Los investigadores descubrieron que la vieja idea de que el tráfico de red llega de forma aleatoria, como gotas de lluvia cayendo sobre un techo, no encaja con estos nuevos sistemas. Probaron un modelo matemático estándar que asume que las peticiones llegan de forma independiente unas de otras y descubrieron que era decisivamente erróneo para todas las configuraciones de agentes que estudiaron. En cambio, el tiempo que les tomaba a los agentes pensar y razonar entre peticiones seguía un patrón diferente, uno que se describe mejor mediante una curva que tiene en cuenta cómo las tareas pueden tomar tiempos variables dependiendo de su complejidad. Esto significa que la lógica interna del software está creando un ritmo específico y estructurado que es muy diferente al comportamiento humano.

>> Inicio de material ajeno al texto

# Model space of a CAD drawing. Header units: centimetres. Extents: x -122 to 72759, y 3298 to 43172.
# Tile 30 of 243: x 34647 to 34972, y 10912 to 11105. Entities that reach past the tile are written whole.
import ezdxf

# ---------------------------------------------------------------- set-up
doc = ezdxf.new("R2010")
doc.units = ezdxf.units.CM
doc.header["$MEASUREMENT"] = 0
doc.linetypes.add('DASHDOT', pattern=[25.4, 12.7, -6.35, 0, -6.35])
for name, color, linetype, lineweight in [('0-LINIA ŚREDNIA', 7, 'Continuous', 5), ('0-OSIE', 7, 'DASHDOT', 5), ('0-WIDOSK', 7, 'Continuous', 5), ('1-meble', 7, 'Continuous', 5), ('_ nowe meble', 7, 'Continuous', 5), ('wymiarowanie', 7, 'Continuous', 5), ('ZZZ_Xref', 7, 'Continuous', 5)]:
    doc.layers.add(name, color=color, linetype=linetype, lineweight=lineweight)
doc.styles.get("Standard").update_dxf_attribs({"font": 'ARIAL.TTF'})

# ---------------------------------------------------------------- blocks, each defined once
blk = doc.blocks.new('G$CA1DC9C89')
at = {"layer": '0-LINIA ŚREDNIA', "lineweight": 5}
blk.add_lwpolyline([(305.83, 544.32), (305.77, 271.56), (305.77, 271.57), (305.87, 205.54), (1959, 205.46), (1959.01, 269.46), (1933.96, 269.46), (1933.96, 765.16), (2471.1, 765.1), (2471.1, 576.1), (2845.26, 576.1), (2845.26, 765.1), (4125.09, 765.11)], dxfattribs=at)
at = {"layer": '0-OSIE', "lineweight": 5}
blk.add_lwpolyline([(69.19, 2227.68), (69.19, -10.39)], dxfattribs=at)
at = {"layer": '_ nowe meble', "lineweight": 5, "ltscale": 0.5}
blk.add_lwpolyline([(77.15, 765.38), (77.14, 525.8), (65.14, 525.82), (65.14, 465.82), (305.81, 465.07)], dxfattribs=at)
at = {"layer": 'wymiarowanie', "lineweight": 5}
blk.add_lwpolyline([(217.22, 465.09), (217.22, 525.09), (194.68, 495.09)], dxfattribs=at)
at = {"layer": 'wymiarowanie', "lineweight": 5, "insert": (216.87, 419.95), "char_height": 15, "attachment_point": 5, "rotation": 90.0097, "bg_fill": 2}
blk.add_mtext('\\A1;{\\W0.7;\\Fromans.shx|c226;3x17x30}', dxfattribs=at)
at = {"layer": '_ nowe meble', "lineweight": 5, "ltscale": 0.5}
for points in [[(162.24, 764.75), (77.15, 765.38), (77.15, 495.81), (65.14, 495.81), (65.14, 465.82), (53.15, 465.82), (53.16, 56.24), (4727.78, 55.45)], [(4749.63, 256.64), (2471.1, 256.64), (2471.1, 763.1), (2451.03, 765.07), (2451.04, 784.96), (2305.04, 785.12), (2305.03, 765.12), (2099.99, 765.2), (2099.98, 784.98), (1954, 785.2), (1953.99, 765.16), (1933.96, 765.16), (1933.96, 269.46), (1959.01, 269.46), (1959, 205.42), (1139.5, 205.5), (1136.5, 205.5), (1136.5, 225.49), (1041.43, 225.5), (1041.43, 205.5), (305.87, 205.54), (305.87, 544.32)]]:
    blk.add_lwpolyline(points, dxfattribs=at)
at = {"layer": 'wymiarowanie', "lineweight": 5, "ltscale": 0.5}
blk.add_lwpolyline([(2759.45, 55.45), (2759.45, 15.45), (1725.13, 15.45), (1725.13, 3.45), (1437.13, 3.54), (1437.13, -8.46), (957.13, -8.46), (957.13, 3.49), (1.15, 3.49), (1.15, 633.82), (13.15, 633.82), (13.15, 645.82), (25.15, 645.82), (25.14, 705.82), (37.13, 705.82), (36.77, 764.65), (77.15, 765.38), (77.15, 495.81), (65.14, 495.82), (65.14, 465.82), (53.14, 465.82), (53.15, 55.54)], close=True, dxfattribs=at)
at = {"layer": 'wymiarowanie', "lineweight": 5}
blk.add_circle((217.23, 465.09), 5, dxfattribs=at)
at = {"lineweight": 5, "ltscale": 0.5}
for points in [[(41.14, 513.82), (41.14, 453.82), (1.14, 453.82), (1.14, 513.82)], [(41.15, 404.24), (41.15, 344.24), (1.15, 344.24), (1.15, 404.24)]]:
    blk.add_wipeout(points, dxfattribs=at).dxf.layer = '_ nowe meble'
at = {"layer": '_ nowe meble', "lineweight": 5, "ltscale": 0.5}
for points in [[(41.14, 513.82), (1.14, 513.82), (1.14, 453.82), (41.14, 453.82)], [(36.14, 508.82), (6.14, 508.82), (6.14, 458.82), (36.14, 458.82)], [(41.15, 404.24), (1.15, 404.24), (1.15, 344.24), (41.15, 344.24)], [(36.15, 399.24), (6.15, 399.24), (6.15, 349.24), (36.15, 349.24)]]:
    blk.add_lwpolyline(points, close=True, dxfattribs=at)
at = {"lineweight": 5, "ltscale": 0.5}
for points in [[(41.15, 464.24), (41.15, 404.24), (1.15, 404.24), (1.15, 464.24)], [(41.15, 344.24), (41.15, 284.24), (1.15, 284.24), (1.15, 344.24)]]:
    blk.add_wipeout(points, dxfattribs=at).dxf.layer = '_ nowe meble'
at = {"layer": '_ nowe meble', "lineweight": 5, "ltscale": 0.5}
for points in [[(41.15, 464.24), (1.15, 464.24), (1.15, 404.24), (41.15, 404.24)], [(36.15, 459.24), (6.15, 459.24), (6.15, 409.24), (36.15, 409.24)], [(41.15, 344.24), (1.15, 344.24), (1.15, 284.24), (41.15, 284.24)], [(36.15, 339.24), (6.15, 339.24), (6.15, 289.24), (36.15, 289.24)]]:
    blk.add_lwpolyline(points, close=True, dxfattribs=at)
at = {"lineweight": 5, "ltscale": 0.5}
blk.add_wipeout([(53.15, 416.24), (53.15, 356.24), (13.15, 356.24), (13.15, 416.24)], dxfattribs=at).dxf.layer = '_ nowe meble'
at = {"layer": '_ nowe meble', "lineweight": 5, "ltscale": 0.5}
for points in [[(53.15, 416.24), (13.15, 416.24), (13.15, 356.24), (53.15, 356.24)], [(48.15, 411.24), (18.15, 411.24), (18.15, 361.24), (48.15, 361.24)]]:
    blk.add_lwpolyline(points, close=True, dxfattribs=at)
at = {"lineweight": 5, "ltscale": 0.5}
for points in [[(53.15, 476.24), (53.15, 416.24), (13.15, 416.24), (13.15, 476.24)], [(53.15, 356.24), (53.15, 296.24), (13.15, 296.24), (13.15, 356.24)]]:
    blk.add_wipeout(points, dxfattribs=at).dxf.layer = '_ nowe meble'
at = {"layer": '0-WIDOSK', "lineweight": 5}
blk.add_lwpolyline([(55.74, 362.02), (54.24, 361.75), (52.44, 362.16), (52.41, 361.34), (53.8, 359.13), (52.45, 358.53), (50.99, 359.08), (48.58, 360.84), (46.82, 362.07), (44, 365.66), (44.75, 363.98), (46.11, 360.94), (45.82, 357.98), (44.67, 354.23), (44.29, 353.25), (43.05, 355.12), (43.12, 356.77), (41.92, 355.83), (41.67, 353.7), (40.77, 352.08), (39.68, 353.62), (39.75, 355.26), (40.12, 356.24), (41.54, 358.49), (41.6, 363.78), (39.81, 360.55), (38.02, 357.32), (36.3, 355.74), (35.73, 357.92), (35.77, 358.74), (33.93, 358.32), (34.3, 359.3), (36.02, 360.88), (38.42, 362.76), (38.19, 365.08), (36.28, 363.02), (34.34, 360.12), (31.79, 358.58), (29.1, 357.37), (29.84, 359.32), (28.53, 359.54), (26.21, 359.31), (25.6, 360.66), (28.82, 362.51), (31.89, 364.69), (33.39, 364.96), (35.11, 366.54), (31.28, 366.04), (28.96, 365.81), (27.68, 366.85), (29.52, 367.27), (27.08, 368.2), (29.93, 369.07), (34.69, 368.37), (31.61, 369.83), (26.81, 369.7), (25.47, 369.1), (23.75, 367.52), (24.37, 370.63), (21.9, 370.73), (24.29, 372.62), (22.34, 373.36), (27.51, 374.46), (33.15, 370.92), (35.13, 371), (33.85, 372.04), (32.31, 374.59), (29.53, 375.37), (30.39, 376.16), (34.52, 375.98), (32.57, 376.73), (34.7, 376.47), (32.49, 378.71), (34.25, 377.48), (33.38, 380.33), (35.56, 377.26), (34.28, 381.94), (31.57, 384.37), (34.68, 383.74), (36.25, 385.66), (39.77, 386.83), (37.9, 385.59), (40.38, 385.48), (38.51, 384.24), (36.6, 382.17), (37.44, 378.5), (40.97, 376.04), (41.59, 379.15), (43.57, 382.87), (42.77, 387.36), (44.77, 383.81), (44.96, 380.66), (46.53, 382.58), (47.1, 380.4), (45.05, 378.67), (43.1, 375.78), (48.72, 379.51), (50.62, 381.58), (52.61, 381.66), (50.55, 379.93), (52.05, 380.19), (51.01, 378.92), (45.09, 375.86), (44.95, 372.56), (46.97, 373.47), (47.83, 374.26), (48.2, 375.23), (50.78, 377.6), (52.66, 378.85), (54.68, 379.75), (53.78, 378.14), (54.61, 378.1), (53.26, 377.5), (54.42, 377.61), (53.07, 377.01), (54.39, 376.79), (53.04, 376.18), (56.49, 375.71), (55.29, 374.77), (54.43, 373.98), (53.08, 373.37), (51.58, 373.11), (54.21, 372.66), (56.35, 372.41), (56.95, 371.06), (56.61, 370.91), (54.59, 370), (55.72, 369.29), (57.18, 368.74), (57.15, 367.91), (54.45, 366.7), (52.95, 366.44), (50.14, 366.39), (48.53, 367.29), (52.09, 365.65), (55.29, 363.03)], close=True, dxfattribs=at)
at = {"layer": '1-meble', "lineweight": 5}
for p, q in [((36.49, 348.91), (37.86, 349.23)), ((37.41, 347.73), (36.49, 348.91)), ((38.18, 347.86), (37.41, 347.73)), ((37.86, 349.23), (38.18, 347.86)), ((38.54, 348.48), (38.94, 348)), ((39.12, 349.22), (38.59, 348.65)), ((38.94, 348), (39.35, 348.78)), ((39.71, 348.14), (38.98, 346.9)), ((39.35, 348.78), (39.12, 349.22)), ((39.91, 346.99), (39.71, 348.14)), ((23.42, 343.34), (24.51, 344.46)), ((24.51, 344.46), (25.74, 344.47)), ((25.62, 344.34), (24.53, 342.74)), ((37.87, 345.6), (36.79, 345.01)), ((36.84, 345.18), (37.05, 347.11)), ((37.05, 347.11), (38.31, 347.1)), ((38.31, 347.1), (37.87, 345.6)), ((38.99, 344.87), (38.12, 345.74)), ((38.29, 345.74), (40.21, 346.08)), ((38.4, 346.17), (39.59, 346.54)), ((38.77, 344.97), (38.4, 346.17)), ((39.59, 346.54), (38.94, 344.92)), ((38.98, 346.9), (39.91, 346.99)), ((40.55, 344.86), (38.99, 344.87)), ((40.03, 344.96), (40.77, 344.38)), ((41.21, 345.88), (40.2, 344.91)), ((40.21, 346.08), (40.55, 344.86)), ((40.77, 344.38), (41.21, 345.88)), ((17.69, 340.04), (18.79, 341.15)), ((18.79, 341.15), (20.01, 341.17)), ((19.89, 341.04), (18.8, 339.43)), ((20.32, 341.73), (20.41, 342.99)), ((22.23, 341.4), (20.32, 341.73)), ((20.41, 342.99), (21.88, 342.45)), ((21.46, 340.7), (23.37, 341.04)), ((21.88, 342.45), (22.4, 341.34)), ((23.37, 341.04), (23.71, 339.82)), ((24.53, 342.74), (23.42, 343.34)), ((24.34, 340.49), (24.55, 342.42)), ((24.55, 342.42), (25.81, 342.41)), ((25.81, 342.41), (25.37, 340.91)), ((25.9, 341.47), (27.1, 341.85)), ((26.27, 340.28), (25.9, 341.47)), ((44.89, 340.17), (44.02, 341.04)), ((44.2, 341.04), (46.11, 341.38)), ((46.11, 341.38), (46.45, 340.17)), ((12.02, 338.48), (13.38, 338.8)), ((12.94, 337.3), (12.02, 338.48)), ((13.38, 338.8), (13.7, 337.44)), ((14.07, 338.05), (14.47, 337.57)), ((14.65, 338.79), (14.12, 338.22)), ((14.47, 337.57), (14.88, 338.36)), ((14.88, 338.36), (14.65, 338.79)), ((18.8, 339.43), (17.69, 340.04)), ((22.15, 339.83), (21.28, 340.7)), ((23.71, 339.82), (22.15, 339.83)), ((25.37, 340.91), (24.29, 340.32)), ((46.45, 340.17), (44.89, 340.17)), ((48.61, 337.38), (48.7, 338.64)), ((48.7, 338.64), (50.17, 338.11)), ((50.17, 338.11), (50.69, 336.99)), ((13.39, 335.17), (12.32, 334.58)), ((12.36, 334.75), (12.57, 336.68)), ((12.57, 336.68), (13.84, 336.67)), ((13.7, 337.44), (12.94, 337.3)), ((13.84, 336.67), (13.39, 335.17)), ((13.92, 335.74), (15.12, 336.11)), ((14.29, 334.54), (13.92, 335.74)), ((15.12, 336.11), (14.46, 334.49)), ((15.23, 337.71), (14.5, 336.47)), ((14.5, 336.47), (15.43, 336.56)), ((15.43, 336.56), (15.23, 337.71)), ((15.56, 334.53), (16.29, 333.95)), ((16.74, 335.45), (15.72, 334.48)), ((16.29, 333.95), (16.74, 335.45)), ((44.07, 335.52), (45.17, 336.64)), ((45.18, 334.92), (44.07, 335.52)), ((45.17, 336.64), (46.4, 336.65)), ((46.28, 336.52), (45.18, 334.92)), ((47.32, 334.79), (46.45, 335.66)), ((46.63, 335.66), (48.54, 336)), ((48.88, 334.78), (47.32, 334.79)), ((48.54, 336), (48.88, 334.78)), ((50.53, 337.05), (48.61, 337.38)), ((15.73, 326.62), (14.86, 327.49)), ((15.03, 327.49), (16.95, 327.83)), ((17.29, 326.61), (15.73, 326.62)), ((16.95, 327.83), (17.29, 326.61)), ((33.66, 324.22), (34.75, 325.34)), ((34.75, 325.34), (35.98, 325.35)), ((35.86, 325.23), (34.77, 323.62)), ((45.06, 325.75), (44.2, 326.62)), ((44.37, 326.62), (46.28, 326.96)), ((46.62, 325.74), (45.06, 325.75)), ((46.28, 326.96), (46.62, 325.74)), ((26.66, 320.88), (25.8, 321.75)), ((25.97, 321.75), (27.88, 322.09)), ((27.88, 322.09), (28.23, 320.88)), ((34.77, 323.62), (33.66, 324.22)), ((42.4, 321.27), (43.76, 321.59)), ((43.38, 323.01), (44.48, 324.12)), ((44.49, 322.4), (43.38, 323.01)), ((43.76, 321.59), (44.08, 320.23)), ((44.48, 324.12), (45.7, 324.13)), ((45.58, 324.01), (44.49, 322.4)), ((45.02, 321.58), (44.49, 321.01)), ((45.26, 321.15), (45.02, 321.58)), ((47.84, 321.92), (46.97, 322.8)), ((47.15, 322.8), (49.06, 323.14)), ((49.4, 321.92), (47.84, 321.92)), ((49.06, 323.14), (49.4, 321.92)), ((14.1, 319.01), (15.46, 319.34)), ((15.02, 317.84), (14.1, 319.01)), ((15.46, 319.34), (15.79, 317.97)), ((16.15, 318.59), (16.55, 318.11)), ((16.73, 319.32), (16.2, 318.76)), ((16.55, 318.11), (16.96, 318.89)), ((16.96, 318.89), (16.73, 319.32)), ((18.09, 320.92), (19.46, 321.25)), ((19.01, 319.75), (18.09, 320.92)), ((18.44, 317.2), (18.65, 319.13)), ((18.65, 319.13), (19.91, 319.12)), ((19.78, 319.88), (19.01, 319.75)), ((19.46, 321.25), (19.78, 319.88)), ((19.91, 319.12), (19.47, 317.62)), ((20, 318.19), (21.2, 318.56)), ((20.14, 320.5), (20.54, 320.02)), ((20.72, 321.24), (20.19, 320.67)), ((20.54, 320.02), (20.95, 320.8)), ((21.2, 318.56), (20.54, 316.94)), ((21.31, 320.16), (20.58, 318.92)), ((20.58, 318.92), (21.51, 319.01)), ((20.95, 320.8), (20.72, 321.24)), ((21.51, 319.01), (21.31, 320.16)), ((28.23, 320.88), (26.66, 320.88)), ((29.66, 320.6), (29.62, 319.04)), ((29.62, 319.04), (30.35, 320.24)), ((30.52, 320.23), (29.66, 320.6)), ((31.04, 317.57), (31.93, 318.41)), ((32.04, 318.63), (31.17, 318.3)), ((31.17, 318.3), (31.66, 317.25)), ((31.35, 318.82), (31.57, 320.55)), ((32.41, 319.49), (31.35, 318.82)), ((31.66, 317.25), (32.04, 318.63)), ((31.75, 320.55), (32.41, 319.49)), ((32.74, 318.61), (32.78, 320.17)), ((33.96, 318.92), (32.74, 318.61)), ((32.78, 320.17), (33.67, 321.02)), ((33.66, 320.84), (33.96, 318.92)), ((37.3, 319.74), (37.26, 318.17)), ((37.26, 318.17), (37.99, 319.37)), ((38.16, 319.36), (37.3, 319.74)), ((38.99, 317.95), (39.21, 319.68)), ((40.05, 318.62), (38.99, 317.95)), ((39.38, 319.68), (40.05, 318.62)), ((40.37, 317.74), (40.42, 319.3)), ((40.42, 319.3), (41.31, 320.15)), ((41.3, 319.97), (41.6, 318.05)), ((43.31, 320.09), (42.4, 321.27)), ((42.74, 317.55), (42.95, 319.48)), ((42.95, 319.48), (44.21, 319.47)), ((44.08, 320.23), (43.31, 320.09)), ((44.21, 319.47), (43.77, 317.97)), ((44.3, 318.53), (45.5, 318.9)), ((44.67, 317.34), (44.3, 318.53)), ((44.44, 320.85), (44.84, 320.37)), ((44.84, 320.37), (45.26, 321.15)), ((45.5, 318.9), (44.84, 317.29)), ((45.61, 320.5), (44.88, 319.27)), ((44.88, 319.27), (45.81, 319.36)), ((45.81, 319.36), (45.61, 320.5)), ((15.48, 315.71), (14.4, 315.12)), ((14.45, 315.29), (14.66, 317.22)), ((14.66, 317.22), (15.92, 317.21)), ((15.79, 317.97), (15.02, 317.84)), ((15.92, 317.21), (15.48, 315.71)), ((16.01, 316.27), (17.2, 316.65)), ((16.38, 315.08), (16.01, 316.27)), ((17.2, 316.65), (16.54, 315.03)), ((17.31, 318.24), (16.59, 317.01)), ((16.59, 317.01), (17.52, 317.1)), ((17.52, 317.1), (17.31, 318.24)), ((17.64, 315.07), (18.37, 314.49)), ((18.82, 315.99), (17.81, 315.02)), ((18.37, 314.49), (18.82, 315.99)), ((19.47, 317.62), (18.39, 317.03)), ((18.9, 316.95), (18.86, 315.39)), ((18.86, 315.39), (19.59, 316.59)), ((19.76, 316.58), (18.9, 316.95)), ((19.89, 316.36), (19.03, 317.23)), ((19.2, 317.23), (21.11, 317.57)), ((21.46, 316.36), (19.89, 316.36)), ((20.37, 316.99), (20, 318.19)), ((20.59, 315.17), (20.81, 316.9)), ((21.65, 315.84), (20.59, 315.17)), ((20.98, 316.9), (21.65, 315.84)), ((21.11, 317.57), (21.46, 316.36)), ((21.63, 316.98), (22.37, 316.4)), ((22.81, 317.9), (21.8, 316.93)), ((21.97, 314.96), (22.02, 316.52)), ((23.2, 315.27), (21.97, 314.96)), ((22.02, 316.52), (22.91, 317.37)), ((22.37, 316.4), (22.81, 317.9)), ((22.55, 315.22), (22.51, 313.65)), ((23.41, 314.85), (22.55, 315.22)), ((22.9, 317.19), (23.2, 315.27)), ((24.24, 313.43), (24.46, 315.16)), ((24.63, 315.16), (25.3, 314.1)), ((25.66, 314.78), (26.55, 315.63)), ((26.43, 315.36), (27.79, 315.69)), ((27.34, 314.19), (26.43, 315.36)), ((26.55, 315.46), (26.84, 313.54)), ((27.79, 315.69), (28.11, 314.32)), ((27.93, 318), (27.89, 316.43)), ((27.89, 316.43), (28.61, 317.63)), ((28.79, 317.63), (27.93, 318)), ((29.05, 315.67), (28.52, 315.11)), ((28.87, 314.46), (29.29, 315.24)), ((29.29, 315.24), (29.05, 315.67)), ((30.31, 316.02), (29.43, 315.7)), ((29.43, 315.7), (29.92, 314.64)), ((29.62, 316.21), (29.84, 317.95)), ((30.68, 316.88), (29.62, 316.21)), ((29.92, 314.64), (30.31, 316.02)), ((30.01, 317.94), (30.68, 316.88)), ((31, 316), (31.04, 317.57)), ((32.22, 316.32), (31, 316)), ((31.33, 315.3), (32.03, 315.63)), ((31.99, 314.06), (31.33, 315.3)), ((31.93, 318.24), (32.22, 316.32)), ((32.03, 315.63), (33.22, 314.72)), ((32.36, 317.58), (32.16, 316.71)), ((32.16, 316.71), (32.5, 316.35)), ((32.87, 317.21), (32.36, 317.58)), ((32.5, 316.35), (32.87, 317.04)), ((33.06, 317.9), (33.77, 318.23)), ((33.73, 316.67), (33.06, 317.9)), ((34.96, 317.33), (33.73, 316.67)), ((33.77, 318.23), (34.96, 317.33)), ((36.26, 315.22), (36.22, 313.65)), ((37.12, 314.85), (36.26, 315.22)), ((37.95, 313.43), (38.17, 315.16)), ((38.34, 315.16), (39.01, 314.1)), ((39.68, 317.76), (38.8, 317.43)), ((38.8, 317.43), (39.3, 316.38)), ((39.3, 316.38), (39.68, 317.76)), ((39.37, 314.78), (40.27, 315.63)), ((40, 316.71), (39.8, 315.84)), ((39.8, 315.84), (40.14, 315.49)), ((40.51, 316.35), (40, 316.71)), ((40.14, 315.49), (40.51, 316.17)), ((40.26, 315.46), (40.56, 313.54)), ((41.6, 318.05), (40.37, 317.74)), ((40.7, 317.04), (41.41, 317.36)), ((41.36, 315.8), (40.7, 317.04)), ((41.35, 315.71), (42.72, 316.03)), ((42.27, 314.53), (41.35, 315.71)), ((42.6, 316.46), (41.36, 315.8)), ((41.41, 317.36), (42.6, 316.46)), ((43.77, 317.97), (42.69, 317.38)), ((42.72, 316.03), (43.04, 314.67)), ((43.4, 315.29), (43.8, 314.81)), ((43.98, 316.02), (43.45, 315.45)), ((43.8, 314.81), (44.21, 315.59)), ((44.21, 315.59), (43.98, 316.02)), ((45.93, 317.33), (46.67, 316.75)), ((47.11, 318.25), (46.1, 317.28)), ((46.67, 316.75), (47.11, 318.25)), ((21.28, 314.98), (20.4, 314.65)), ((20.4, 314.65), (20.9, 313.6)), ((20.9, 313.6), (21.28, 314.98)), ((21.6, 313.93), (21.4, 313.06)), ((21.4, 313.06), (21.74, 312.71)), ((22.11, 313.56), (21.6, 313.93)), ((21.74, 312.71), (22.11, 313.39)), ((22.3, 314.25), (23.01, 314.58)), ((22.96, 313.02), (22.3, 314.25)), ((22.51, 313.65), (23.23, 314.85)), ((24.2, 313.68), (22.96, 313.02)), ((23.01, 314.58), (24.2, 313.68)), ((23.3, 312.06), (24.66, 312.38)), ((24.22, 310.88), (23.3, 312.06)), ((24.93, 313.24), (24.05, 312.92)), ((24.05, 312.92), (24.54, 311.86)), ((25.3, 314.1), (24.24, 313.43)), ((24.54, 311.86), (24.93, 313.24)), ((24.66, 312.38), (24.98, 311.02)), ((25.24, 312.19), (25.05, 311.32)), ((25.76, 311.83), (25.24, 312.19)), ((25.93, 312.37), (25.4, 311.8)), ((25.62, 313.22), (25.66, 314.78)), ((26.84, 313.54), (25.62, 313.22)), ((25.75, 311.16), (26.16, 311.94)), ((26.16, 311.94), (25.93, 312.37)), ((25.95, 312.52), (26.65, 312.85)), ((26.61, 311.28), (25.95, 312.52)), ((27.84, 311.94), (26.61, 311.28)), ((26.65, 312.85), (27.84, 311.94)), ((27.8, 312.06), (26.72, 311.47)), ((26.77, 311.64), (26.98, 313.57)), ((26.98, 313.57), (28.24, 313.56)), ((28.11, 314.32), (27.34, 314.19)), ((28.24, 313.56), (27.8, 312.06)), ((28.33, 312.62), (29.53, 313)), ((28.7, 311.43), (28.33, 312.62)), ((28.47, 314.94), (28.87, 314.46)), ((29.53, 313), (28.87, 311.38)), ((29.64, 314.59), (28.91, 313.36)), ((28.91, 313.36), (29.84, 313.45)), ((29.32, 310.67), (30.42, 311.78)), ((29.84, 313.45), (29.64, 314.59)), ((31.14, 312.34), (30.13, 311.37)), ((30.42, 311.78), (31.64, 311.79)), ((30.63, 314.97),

Estos hallazgos son importantes porque demuestran que el diseño del equipo de agentes actúa como un generador de tráfico. Si un sistema está diseñado para que muchos agentes hablen entre sí a la vez, creará ráfagas de actividad de red agudas e intensas que pueden abrumar a los servidores, incluso si el número total de tareas sigue siendo el mismo. Los investigadores descubrieron que en la configuración más conectada, donde cada agente podía hablar con todos los demás, el tiempo entre peticiones cayó a meros milisegundos para una gran parte del tráfico, creando una oleada que fue casi 600 por ciento más rápida que la configuración secuencial. Esta oleada no es un error; es una característica estructural de cómo funciona el sistema.

El estudio también destacó que estos cambios repercuten en toda la red. La forma en que los agentes se coordinan afecta no solo a la capa de aplicación, sino también a las conexiones de datos subyacentes y a la carga de los servidores que procesan las peticiones. Los investigadores midieron cuántos paquetes de datos se enviaron y cuánta memoria se utilizó, encontrando que la naturaleza ráfaga de las configuraciones paralelas provocó picos más altos en el uso de la red. Esto sugiere que simplemente contar el número total de peticiones no es suficiente para entender la carga; los ingenieros también deben observar cómo esas peticiones se distribuyen en el tiempo.

En última instancia, este trabajo proporciona la primera imagen clara de cómo la estructura de un sistema multiagente moldea el tráfico que crea. Muestra que a medida que avanzamos hacia un futuro donde los agentes de software colaboran para resolver problemas, las redes que los sustentan deberán ser diseñadas teniendo en cuenta estos nuevos patrones. Los viejos modelos, construidos para usuarios humanos, no pueden predecir con precisión el comportamiento de estos equipos digitales. Al comprender que el estilo de coordinación de los agentes crea patrones específicos y mensurables en el tráfico, los ingenieros pueden construir sistemas que sean lo suficientemente robustos para manejar el ritmo único del futuro autónomo. Los investigadores han puesto sus herramientas y datos a disposición del público, invitando a otros a explorar estos patrones más a fondo a medida que la tecnología continúa evolucionando.